The dataset contained numerical input variables and text input variables. Lead time variable had some missing values, so we had to replace all of these by -1 to let Databolics interpret -1 has a missing value. No other pre-processing had to be made like outliers management as Databolics handles this automatically.
Feature ‘Went_on_backorder’ was the response variable and it had value “Yes” in case of backorder and “No” otherwise.
We used Databolics to produce a model which allowed to predict which part will be on backorder or not. Databolics automatically produced the best model – made actually of 2 mathematical equations – without any programming, any algorithm selection, any dataset splitting, etc…
Preparation of the dataset file: The response variable ‘Went_on_backorder’ (Yes or No) value was derived from the metadata. Rows were then randomized such that the order of samples in the rows was ensured to be random.

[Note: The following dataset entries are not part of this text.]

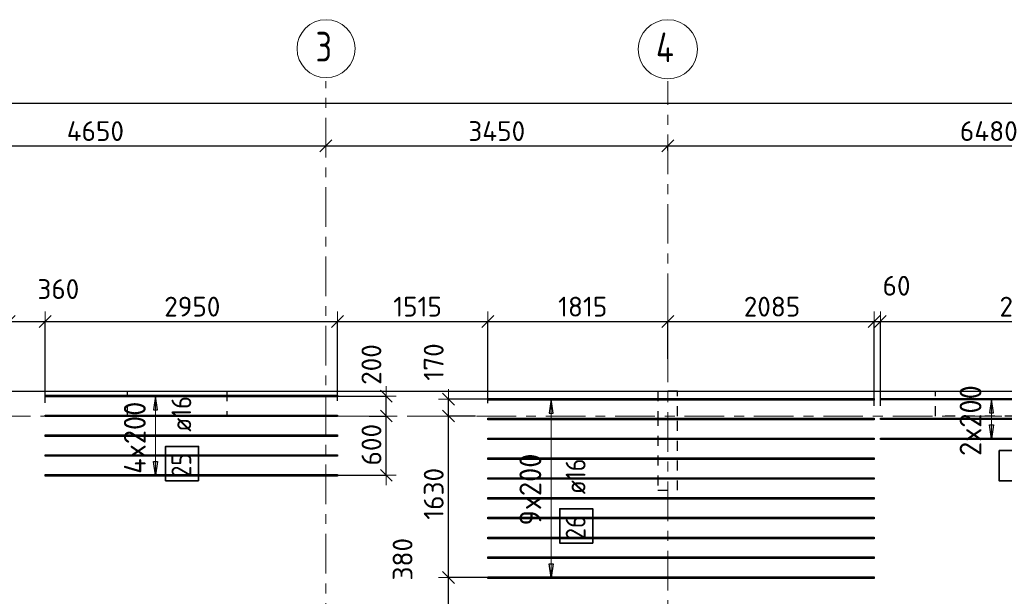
# Model space of a CAD drawing. Header units: metres. Extents: x -38 to 97, y -15 to 21.
# Tile 13 of 132: x 6.06 to 16, y 14.58 to 20.4. Entities that reach past the tile are written whole.
import ezdxf

# ---------------------------------------------------------------- set-up
doc = ezdxf.new("R2010")
doc.units = ezdxf.units.M
doc.header["$PDMODE"] = 65
for name, pattern in [('______11', [0.5, 0.4, -0.05, 0, -0.05]), ('______2', [0.0405, 0.03, -0.0105]), ('______5', [1.1, 0.8, -0.1, 0.1, -0.1])]:
    doc.linetypes.add(name, pattern=pattern)
for name, color, linetype, lineweight in [('XR$2$Осевая линия (1)', 7, '______5', 13), ('XR$2$Размерная линия (1)', 7, 'Continuous', 13), ('XR$4$Перекрытие (1)', 7, 'Continuous', 35), ('XR$4$Размерная линия (1)', 7, 'Continuous', 13)]:
    doc.layers.add(name, color=color, linetype=linetype, lineweight=lineweight)
doc.layers.add('XR$4$Арм.стержн.Доп. Арм верхн.зоны Х', color=7, linetype='Continuous', lineweight=35, true_color=0x8c8cff)
doc.layers.add('XR$6$Стена_ бетон несущ.', color=7, linetype='Continuous', lineweight=70, true_color=0xb4b496)
doc.styles.add('ISOCPEUR', font='txt')
doc.dimstyles.new('DIMSTYLE_3', dxfattribs={"dimtxt": 0.2, "dimasz": 0.2, "dimexe": 0, "dimexo": 0, "dimgap": 0.1, "dimtad": 2, "dimdec": 0, "dimlfac": 1000, "dimrnd": 5, "dimzin": 12, "dimdsep": 46, "dimtxsty": 'ISOCPEUR', "dimblk1": 'ALL_ML_STRICH', "dimblk2": 'ALL_ML_STRICH', "dimsah": 1, "dimcen": 0, "dimclrd": 7, "dimclre": 256, "dimclrt": 7, "dimadec": 0, "dimazin": 0, "dimtfac": 1, "dimtdec": 0, "dimtix": 1, "dimtmove": 2, "dimatfit": 3, "dimfxl": 0, "dimtzin": 0, "dimlwd": 0, "dimlwe": -3, "dimarcsym": 0})
doc.dimstyles.new('DIMSTYLE_33', dxfattribs={"dimtxt": 0.2, "dimasz": 0.2, "dimexe": 0, "dimexo": 0, "dimgap": 0.1, "dimtad": 2, "dimdec": 0, "dimlfac": 1000, "dimrnd": 5, "dimzin": 12, "dimdsep": 46, "dimtxsty": 'ISOCPEUR', "dimblk1": 'ALL_ML_STRICH', "dimblk2": 'ALL_ML_STRICH', "dimsah": 1, "dimcen": 0, "dimclrd": 7, "dimclre": 256, "dimclrt": 7, "dimadec": 0, "dimazin": 0, "dimtfac": 1, "dimtdec": 0, "dimtix": 1, "dimtmove": 2, "dimatfit": 3, "dimfxl": 0, "dimtvp": 1.2, "dimtzin": 0, "dimlwd": 0, "dimlwe": -3, "dimarcsym": 0})

# ---------------------------------------------------------------- blocks, each defined once
blk = doc.blocks.new('ALL_ML_STRICH')
at = {"color": 0, "linetype": 'ByBlock', "lineweight": -2}
for p, q in [((0, -0.5), (0, 0.5)), ((-1, 0), (0.5, 0)), ((-0.3, -0.3), (0.3, 0.3))]:
    blk.add_line(p, q, dxfattribs=at)
blk = doc.blocks.new('*D11')
at = {"layer": 'DEFPOINTS', "color": 7, "linetype": 'Continuous', "lineweight": 13, "transparency": 33554687}
for p in [(0.5, 19.5574), (0.5, 19.3768), (61.6, 17.1197)]:
    blk.add_point(p, dxfattribs=at)
at = {"layer": 'XR$2$Размерная линия (1)', "color": 9, "linetype": 'Continuous', "lineweight": -2, "true_color": 0xc7c7c7, "transparency": 33554687}
for p, q in [((0.5, 19.3568), (0.5, 19.5574)), ((61.6, 17.1397), (61.6, 19.5574))]:
    blk.add_line(p, q, dxfattribs=at)
at = {"layer": 'XR$2$Размерная линия (1)', "color": 7, "linetype": 'Continuous', "lineweight": -2, "transparency": 33554687}
blk.add_line((0.5, 19.5574), (61.6, 19.5574), dxfattribs=at)
at = {"layer": 'XR$2$Размерная линия (1)', "color": 7, "linetype": 'Continuous', "lineweight": 13, "transparency": 33554687, "xscale": 0.2, "yscale": 0.2, "zscale": 0.2, "rotation": 180}
blk.add_blockref('ALL_ML_STRICH', (0.5, 19.5574), dxfattribs=at)
at = {"layer": 'XR$2$Размерная линия (1)', "color": 7, "linetype": 'Continuous', "lineweight": 13, "transparency": 33554687, "xscale": 0.2, "yscale": 0.2, "zscale": 0.2}
blk.add_blockref('ALL_ML_STRICH', (61.6, 19.5574), dxfattribs=at)
at = {"layer": 'XR$2$Размерная линия (1)', "color": 7, "linetype": 'Continuous', "lineweight": 13, "transparency": 33554687, "insert": (31.1, 19.7074), "char_height": 0.2, "width": 1, "attachment_point": 5, "style": 'ISOCPEUR'}
blk.add_mtext('\\A1;{61100}', dxfattribs=at)
blk = doc.blocks.new('*D27')
at = {"layer": 'DEFPOINTS', "color": 7, "linetype": 'Continuous', "lineweight": 13, "transparency": 33554687}
for p in [(4.5, 19.1912), (4.5, 19.1261), (9.15, 19.1262)]:
    blk.add_point(p, dxfattribs=at)
at = {"layer": 'XR$2$Размерная линия (1)', "color": 9, "linetype": 'Continuous', "lineweight": -2, "true_color": 0xc7c7c7, "transparency": 33554687}
for p, q in [((4.5, 19.1712), (4.5, 19.1261)), ((9.15, 19.1261), (9.15, 19.1261))]:
    blk.add_line(p, q, dxfattribs=at)
at = {"layer": 'XR$2$Размерная линия (1)', "color": 7, "linetype": 'Continuous', "lineweight": -2, "transparency": 33554687}
blk.add_line((4.5, 19.1261), (9.15, 19.1261), dxfattribs=at)
at = {"layer": 'XR$2$Размерная линия (1)', "color": 7, "linetype": 'Continuous', "lineweight": 13, "transparency": 33554687, "xscale": 0.2, "yscale": 0.2, "zscale": 0.2, "rotation": 180}
blk.add_blockref('ALL_ML_STRICH', (4.5, 19.1261), dxfattribs=at)
at = {"layer": 'XR$2$Размерная линия (1)', "color": 7, "linetype": 'Continuous', "lineweight": 13, "transparency": 33554687, "xscale": 0.2, "yscale": 0.2, "zscale": 0.2}
blk.add_blockref('ALL_ML_STRICH', (9.15, 19.1261), dxfattribs=at)
at = {"layer": 'XR$2$Размерная линия (1)', "color": 7, "linetype": 'Continuous', "lineweight": 13, "transparency": 33554687, "insert": (6.825, 19.2761), "char_height": 0.2, "width": 0.8, "attachment_point": 5, "style": 'ISOCPEUR'}
blk.add_mtext('\\A1;{4650}', dxfattribs=at)
blk = doc.blocks.new('*D28')
at = {"layer": 'DEFPOINTS', "color": 7, "linetype": 'Continuous', "lineweight": 13, "transparency": 33554687}
for p in [(9.15, 19.1262), (9.15, 19.1261), (12.6, 19.0612)]:
    blk.add_point(p, dxfattribs=at)
at = {"layer": 'XR$2$Размерная линия (1)', "color": 9, "linetype": 'Continuous', "lineweight": -2, "true_color": 0xc7c7c7, "transparency": 33554687}
for p, q in [((9.15, 19.1261), (9.15, 19.1261)), ((12.6, 19.0812), (12.6, 19.1261))]:
    blk.add_line(p, q, dxfattribs=at)
at = {"layer": 'XR$2$Размерная линия (1)', "color": 7, "linetype": 'Continuous', "lineweight": -2, "transparency": 33554687}
blk.add_line((9.15, 19.1261), (12.6, 19.1261), dxfattribs=at)
at = {"layer": 'XR$2$Размерная линия (1)', "color": 7, "linetype": 'Continuous', "lineweight": 13, "transparency": 33554687, "xscale": 0.2, "yscale": 0.2, "zscale": 0.2, "rotation": 180}
blk.add_blockref('ALL_ML_STRICH', (9.15, 19.1261), dxfattribs=at)
at = {"layer": 'XR$2$Размерная линия (1)', "color": 7, "linetype": 'Continuous', "lineweight": 13, "transparency": 33554687, "xscale": 0.2, "yscale": 0.2, "zscale": 0.2}
blk.add_blockref('ALL_ML_STRICH', (12.6, 19.1261), dxfattribs=at)
at = {"layer": 'XR$2$Размерная линия (1)', "color": 7, "linetype": 'Continuous', "lineweight": 13, "transparency": 33554687, "insert": (10.875, 19.2761), "char_height": 0.2, "width": 0.8, "attachment_point": 5, "style": 'ISOCPEUR'}
blk.add_mtext('\\A1;{3450}', dxfattribs=at)
blk = doc.blocks.new('*D29')
at = {"layer": 'DEFPOINTS', "color": 7, "linetype": 'Continuous', "lineweight": 13, "transparency": 33554687}
for p in [(19.08, 19.4874), (12.6, 19.1261), (12.6, 19.0612)]:
    blk.add_point(p, dxfattribs=at)
at = {"layer": 'XR$2$Размерная линия (1)', "color": 9, "linetype": 'Continuous', "lineweight": -2, "true_color": 0xc7c7c7, "transparency": 33554687}
for p, q in [((19.08, 19.4674), (19.08, 19.1261)), ((12.6, 19.0812), (12.6, 19.1261))]:
    blk.add_line(p, q, dxfattribs=at)
at = {"layer": 'XR$2$Размерная линия (1)', "color": 7, "linetype": 'Continuous', "lineweight": -2, "transparency": 33554687}
blk.add_line((12.6, 19.1261), (19.08, 19.1261), dxfattribs=at)
at = {"layer": 'XR$2$Размерная линия (1)', "color": 7, "linetype": 'Continuous', "lineweight": 13, "transparency": 33554687, "xscale": 0.2, "yscale": 0.2, "zscale": 0.2, "rotation": 180}
blk.add_blockref('ALL_ML_STRICH', (12.6, 19.1261), dxfattribs=at)
at = {"layer": 'XR$2$Размерная линия (1)', "color": 7, "linetype": 'Continuous', "lineweight": 13, "transparency": 33554687, "xscale": 0.2, "yscale": 0.2, "zscale": 0.2}
blk.add_blockref('ALL_ML_STRICH', (19.08, 19.1261), dxfattribs=at)
at = {"layer": 'XR$2$Размерная линия (1)', "color": 7, "linetype": 'Continuous', "lineweight": 13, "transparency": 33554687, "insert": (15.84, 19.2761), "char_height": 0.2, "width": 0.8, "attachment_point": 5, "style": 'ISOCPEUR'}
blk.add_mtext('\\A1;{6480}', dxfattribs=at)
blk = doc.blocks.new('*D257')
at = {"layer": 'DEFPOINTS', "color": 7, "linetype": 'Continuous', "lineweight": 13, "transparency": 33554687}
for p in [(9.5679, 16.4), (9.2201, 15.8014), (9.7606, 15.8014)]:
    blk.add_point(p, dxfattribs=at)
at = {"layer": 'XR$4$Размерная линия (1)', "color": 9, "linetype": 'Continuous', "lineweight": -2, "true_color": 0xc7c7c7, "transparency": 33554687}
for p, q in [((9.5879, 16.4), (9.7606, 16.4)), ((9.2401, 15.8014), (9.7606, 15.8014))]:
    blk.add_line(p, q, dxfattribs=at)
at = {"layer": 'XR$4$Размерная линия (1)', "color": 7, "linetype": 'Continuous', "lineweight": -2, "transparency": 33554687}
blk.add_line((9.7606, 15.8014), (9.7606, 16.4), dxfattribs=at)
at = {"layer": 'XR$4$Размерная линия (1)', "color": 7, "linetype": 'Continuous', "lineweight": 13, "transparency": 33554687, "xscale": 0.2, "yscale": 0.2, "zscale": 0.2}
for p, rotation in [((9.7606, 16.4), 90), ((9.7606, 15.8014), 270)]:
    blk.add_blockref('ALL_ML_STRICH', p, dxfattribs=dict(at, rotation=rotation))
at = {"layer": 'XR$4$Размерная линия (1)', "color": 7, "linetype": 'Continuous', "lineweight": 13, "transparency": 33554687, "insert": (9.6106, 16.1107), "char_height": 0.2, "width": 0.6, "attachment_point": 5, "rotation": 90, "style": 'ISOCPEUR'}
blk.add_mtext('\\A1;{600}', dxfattribs=at)
blk = doc.blocks.new('*D258')
at = {"layer": 'DEFPOINTS', "color": 7, "linetype": 'Continuous', "lineweight": 13, "transparency": 33554687}
for p in [(9.1786, 16.6014), (9.5679, 16.4), (9.7606, 16.4)]:
    blk.add_point(p, dxfattribs=at)
at = {"layer": 'XR$4$Размерная линия (1)', "color": 9, "linetype": 'Continuous', "lineweight": -2, "true_color": 0xc7c7c7, "transparency": 33554687}
for p, q in [((9.1986, 16.6014), (9.7606, 16.6014)), ((9.5879, 16.4), (9.7606, 16.4))]:
    blk.add_line(p, q, dxfattribs=at)
at = {"layer": 'XR$4$Размерная линия (1)', "color": 7, "linetype": 'Continuous', "lineweight": -2, "transparency": 33554687}
blk.add_line((9.7606, 16.4), (9.7606, 16.6014), dxfattribs=at)
at = {"layer": 'XR$4$Размерная линия (1)', "color": 7, "linetype": 'Continuous', "lineweight": 13, "transparency": 33554687, "xscale": 0.2, "yscale": 0.2, "zscale": 0.2}
for p, rotation in [((9.7606, 16.6014), 90), ((9.7606, 16.4), 270)]:
    blk.add_blockref('ALL_ML_STRICH', p, dxfattribs=dict(at, rotation=rotation))
at = {"layer": 'XR$4$Размерная линия (1)', "color": 7, "linetype": 'Continuous', "lineweight": 13, "transparency": 33554687, "insert": (9.6102, 16.9198), "char_height": 0.2, "width": 0.6, "attachment_point": 5, "rotation": 90, "style": 'ISOCPEUR'}
blk.add_mtext('\\A1;{200}', dxfattribs=at)
blk = doc.blocks.new('*D261')
at = {"layer": 'DEFPOINTS', "color": 7, "linetype": 'Continuous', "lineweight": 13, "transparency": 33554687}
for p in [(5.9564, 17.3539), (5.9564, 16.4957), (6.318, 16.5124)]:
    blk.add_point(p, dxfattribs=at)
at = {"layer": 'XR$4$Размерная линия (1)', "color": 9, "linetype": 'Continuous', "lineweight": -2, "true_color": 0xc7c7c7, "transparency": 33554687}
for p, q in [((5.9564, 16.5157), (5.9564, 17.3539)), ((6.318, 16.5324), (6.318, 17.3539))]:
    blk.add_line(p, q, dxfattribs=at)
at = {"layer": 'XR$4$Размерная линия (1)', "color": 7, "linetype": 'Continuous', "lineweight": -2, "transparency": 33554687}
blk.add_line((5.9564, 17.3539), (6.318, 17.3539), dxfattribs=at)
at = {"layer": 'XR$4$Размерная линия (1)', "color": 7, "linetype": 'Continuous', "lineweight": 13, "transparency": 33554687, "xscale": 0.2, "yscale": 0.2, "zscale": 0.2, "rotation": 180}
blk.add_blockref('ALL_ML_STRICH', (5.9564, 17.3539), dxfattribs=at)
at = {"layer": 'XR$4$Размерная линия (1)', "color": 7, "linetype": 'Continuous', "lineweight": 13, "transparency": 33554687, "xscale": 0.2, "yscale": 0.2, "zscale": 0.2}
blk.add_blockref('ALL_ML_STRICH', (6.318, 17.3539), dxfattribs=at)
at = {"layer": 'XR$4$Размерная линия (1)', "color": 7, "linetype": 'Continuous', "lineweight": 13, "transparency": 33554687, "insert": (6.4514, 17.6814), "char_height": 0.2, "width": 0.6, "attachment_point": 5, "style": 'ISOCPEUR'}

Results in less than 1 hour: Generation of an explanatory model, took just under 1 hour on a simple MacBook Air notebook. When evaluated against an independent hold out set of 30,001 parts (actually the test subset derived from the 100,000 parts dataset, see Fig 2 comments), the resulting explanatory model was 85% accurate with a True Negative Rate of 86%, and a True Positive Rate of 85%. True Negative Rate represents the percentage of parts predicted Negative (not on backorder in our case) and being actually Negative in the test subset. True Positive Rate represents the percentage of parts predicted Positive (on backorder in our case) and being actually Positive in the test subset.
Area under ROC curve was 0.91.
Figure 1: resulting model (Model ID: 20170523T091440.499444). It uses only 3 variables out of 22 (national_inv, forecast_9_month and sales_3_month), several operators and constants. In a binary classification model, model is made of 2 equations, one calculating probability of true prediction, the other calculating probability of false prediction. Upon computing the value of each equation, the greater value yields the case predicted by the model. The difference between these 2 numbers gives the prediction’s confidence score.
Figure 2: Review of best model statistics. One can see the 85% accuracy obtained on the entire dataset and on the 3 subsets (training, validation and test, training and validation are used for model creation, the test set is an independent hold out used to provide a final accuracy assessment by the final model against new data not available to the modeling process) used to build hundreds of potential models and finally select the best model.